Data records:
+ + + + + + +

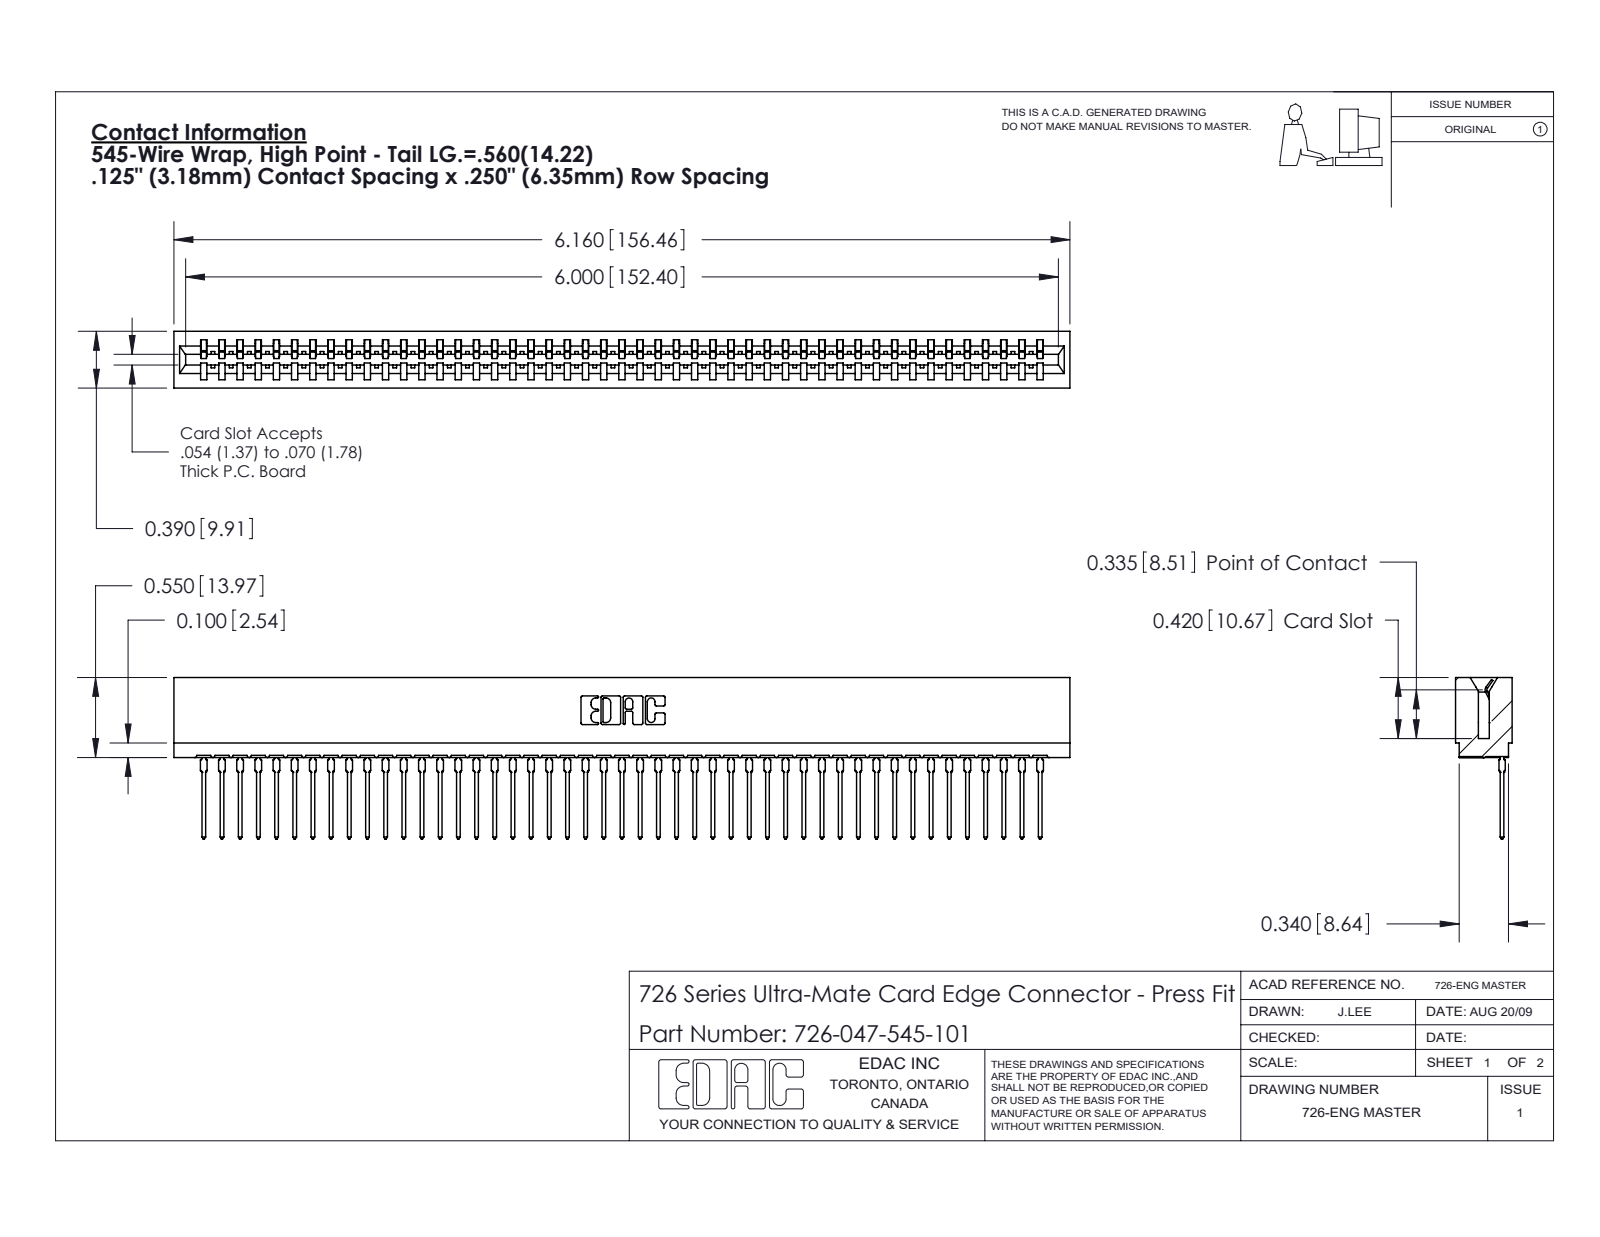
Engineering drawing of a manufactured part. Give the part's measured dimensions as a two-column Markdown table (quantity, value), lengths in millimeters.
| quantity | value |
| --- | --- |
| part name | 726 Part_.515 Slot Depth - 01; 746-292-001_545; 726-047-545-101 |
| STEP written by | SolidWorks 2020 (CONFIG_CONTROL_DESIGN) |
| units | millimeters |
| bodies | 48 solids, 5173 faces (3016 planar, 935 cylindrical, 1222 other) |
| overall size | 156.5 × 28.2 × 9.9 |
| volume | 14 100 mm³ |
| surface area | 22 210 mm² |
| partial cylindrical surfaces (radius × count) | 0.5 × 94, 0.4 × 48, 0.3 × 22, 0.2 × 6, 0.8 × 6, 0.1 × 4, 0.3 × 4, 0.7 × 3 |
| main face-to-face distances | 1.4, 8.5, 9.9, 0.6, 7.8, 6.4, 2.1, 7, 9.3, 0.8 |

+ + + + + + +

**Your assignment**
The result should be all the records, retyped exactly, with no pictures among them.

**Solution to this exercise**
Engineering drawing of a manufactured part. Give the part's measured dimensions as a two-column Markdown table (quantity, value), lengths in millimeters.
| quantity | value |
| --- | --- |
| part name | 726 Part_.515 Slot Depth - 01; 746-292-001_545; 726-047-545-101 |
| STEP written by | SolidWorks 2020 (CONFIG_CONTROL_DESIGN) |
| units | millimeters |
| bodies | 48 solids, 5173 faces (3016 planar, 935 cylindrical, 1222 other) |
| overall size | 156.5 × 28.2 × 9.9 |
| volume | 14 100 mm³ |
| surface area | 22 210 mm² |
| partial cylindrical surfaces (radius × count) | 0.5 × 94, 0.4 × 48, 0.3 × 22, 0.2 × 6, 0.8 × 6, 0.1 × 4, 0.3 × 4, 0.7 × 3 |
| main face-to-face distances | 1.4, 8.5, 9.9, 0.6, 7.8, 6.4, 2.1, 7, 9.3, 0.8 |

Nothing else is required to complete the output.